> [What you are asked to do]:
Check the records below line by line for the string "under". Give the number of lines that contain it and nothing else.

[Dataset entries]
■ ■ ■
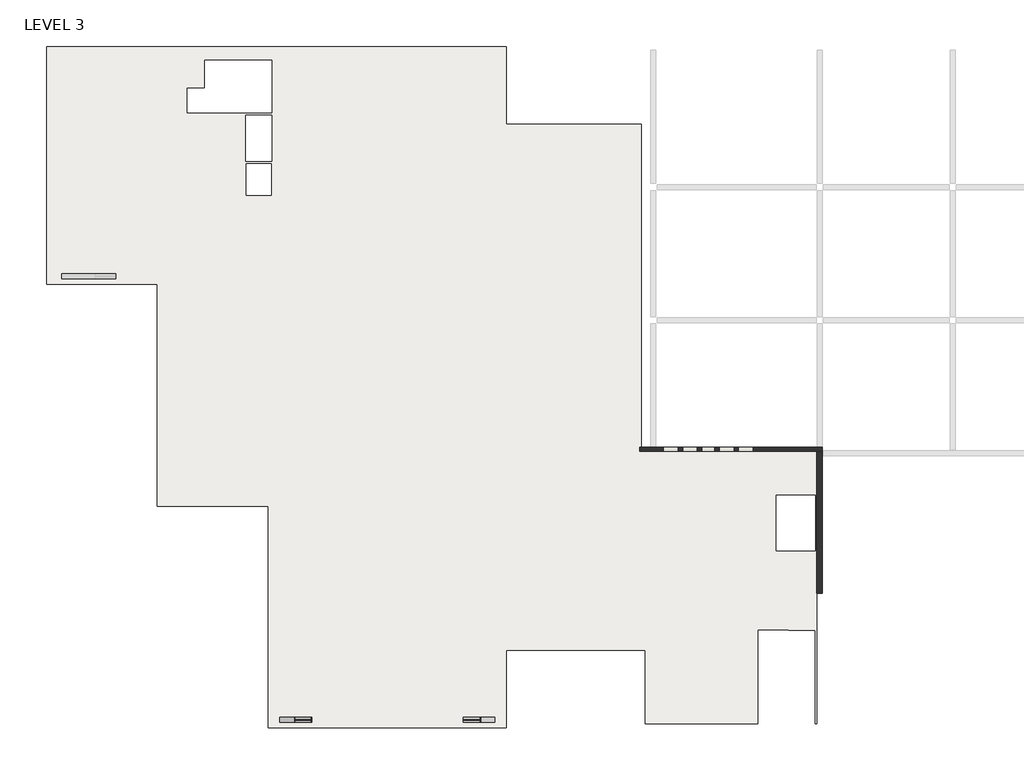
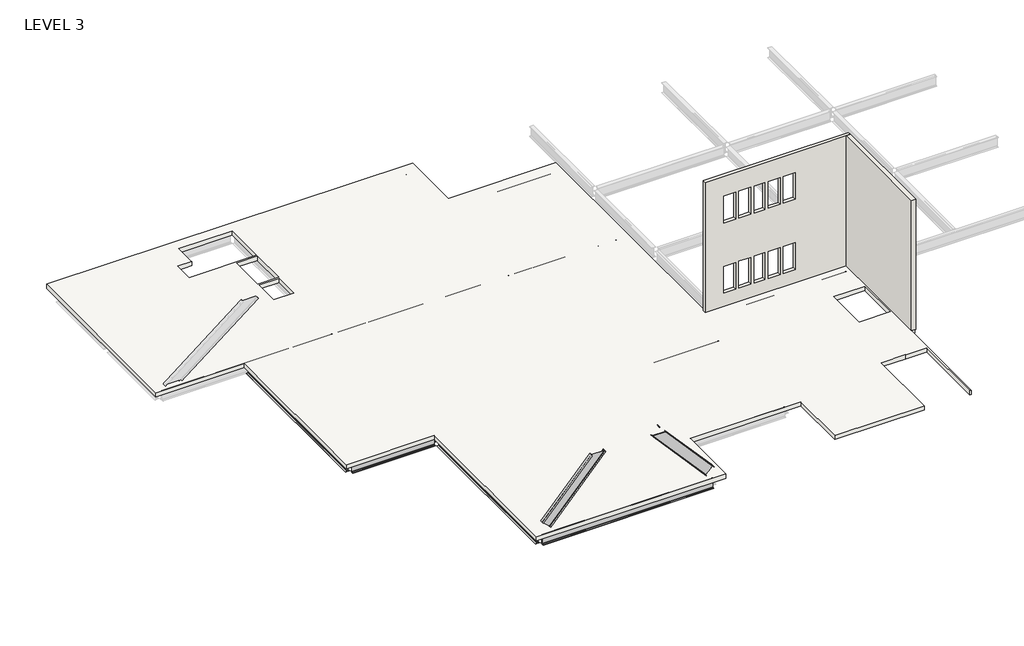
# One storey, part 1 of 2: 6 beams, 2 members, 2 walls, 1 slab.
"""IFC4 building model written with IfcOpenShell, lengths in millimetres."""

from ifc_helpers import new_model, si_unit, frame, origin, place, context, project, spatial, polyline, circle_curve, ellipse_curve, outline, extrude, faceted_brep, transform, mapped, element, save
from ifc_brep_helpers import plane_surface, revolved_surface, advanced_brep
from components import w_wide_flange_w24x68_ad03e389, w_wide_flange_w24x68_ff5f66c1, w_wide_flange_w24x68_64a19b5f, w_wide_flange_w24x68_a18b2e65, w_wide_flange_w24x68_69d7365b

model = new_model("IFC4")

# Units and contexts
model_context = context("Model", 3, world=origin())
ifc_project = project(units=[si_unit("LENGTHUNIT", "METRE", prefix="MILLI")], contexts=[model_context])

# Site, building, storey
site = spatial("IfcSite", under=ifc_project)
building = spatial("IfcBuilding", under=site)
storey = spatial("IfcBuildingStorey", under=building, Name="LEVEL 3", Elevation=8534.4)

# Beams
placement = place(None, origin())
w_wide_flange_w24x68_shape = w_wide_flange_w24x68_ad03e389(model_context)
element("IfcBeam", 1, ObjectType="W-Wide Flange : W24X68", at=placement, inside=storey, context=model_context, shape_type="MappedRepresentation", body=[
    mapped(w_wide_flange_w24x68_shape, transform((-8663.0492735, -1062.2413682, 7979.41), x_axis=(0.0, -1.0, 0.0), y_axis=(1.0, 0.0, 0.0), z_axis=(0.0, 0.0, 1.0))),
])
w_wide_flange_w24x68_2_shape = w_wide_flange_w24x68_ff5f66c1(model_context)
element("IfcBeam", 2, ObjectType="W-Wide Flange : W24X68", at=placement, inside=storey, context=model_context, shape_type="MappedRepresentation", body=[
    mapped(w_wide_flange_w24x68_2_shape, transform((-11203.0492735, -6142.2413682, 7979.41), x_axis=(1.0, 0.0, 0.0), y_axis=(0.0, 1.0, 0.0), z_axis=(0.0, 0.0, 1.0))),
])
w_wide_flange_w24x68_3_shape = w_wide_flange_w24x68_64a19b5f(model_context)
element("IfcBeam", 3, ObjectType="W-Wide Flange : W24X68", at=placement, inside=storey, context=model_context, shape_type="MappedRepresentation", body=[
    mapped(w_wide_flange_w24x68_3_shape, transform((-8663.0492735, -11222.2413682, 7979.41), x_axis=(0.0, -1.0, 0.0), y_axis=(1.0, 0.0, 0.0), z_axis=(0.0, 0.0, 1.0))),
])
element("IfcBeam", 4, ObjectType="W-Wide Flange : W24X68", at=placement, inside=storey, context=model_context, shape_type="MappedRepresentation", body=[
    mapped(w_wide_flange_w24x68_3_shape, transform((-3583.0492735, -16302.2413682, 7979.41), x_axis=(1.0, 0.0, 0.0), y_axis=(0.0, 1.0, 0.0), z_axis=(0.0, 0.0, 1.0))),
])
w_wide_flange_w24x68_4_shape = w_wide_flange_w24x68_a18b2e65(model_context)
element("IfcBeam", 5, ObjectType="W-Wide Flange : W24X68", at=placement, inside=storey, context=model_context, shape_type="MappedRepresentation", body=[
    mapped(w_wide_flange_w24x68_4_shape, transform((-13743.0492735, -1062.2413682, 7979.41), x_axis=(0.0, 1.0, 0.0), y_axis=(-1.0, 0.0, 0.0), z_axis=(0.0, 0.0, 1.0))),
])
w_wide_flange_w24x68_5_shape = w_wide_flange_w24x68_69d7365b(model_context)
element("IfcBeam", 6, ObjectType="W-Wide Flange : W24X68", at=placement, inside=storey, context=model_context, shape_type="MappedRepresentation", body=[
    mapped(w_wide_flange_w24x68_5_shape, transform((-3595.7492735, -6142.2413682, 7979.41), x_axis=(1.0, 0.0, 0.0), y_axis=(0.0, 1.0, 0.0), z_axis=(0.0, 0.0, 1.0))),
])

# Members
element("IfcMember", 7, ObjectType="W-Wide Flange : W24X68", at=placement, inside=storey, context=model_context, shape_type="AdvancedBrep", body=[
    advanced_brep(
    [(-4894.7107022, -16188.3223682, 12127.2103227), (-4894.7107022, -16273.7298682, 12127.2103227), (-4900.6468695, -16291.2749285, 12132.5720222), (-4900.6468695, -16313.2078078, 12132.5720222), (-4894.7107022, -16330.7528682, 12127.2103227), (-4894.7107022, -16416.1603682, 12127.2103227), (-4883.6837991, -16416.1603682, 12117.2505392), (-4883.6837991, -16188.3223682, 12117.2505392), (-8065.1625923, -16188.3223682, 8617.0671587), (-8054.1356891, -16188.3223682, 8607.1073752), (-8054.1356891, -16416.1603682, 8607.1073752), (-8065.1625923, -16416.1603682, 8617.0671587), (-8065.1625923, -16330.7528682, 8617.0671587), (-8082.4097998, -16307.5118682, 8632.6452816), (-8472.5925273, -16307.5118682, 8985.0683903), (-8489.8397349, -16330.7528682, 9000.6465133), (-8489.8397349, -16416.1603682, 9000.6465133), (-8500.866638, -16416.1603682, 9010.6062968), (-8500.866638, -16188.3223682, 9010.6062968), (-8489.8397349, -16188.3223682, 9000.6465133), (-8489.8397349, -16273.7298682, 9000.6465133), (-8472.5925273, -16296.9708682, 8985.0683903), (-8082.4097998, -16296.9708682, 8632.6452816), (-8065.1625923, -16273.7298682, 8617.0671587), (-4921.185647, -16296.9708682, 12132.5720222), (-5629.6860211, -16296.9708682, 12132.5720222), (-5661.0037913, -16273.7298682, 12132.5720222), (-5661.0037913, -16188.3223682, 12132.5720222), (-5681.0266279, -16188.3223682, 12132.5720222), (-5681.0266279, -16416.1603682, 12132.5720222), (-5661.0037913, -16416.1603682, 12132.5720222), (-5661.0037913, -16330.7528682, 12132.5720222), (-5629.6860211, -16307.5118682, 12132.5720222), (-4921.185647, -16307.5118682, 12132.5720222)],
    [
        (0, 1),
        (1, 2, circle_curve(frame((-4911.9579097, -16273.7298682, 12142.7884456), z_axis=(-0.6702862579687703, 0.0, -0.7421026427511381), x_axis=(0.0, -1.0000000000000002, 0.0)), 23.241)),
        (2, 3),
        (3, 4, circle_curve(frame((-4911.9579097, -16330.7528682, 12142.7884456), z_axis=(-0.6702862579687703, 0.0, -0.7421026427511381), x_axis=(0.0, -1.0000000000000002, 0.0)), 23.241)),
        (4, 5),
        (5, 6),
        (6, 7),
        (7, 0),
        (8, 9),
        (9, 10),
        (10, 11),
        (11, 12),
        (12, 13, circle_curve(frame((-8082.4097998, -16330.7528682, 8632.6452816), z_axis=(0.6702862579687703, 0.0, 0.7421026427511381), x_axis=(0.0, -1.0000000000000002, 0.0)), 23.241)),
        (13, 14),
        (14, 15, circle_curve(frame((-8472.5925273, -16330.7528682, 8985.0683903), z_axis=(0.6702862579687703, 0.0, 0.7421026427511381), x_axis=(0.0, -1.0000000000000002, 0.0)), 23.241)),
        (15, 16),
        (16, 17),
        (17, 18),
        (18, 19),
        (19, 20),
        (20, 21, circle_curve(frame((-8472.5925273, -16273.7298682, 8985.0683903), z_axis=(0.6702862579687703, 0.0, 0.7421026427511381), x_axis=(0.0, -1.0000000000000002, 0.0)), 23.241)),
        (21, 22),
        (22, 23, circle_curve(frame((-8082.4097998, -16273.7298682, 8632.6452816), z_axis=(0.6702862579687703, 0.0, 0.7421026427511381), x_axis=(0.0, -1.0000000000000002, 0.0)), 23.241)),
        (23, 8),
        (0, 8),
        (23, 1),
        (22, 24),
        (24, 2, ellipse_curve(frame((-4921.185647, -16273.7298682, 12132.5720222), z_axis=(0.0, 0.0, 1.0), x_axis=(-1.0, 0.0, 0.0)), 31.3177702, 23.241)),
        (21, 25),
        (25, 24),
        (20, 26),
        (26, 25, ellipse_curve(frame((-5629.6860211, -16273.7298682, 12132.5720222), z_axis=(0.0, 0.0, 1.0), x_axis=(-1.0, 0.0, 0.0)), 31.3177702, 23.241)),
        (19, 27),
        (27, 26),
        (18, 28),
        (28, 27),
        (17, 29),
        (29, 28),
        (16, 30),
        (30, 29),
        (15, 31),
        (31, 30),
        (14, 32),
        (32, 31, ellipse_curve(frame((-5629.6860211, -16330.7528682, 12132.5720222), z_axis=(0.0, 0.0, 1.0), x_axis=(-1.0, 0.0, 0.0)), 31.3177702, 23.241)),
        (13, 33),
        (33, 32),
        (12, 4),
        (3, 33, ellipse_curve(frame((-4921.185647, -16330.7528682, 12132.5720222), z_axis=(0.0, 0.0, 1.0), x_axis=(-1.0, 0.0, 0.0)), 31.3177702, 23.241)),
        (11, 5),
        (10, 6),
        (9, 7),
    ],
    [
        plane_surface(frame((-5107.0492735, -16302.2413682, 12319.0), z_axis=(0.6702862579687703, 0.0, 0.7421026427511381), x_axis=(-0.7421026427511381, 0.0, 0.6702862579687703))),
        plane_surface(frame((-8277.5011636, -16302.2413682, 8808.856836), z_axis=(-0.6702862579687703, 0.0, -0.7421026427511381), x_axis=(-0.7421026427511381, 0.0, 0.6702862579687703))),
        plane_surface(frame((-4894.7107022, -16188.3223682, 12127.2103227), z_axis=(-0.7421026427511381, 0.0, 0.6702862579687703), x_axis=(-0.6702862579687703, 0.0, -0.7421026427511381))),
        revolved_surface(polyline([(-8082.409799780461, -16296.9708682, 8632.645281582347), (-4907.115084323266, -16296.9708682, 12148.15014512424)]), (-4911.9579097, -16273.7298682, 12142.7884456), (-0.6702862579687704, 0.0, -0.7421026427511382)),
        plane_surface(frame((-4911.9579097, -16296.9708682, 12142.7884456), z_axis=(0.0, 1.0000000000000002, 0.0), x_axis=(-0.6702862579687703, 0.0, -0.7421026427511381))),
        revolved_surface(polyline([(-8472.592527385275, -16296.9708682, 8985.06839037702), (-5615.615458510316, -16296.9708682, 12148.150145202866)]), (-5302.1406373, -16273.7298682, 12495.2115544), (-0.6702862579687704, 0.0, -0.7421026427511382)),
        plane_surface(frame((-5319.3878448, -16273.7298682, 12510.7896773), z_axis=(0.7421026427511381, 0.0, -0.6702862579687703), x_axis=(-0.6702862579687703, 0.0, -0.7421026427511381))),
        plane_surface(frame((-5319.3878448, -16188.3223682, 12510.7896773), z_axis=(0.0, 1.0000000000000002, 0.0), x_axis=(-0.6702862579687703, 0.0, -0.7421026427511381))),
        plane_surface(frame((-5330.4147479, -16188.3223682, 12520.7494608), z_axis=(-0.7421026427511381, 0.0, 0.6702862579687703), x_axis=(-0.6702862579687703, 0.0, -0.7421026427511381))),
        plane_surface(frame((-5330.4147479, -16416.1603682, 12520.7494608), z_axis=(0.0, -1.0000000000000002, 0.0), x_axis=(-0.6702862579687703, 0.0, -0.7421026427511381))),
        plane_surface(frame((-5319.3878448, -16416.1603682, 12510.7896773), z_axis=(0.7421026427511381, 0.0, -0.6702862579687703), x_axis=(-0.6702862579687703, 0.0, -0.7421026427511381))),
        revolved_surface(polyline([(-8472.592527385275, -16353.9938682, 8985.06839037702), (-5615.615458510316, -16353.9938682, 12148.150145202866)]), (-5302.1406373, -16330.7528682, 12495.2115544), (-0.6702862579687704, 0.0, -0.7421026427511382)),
■ ■ ■
> [Result below]:
3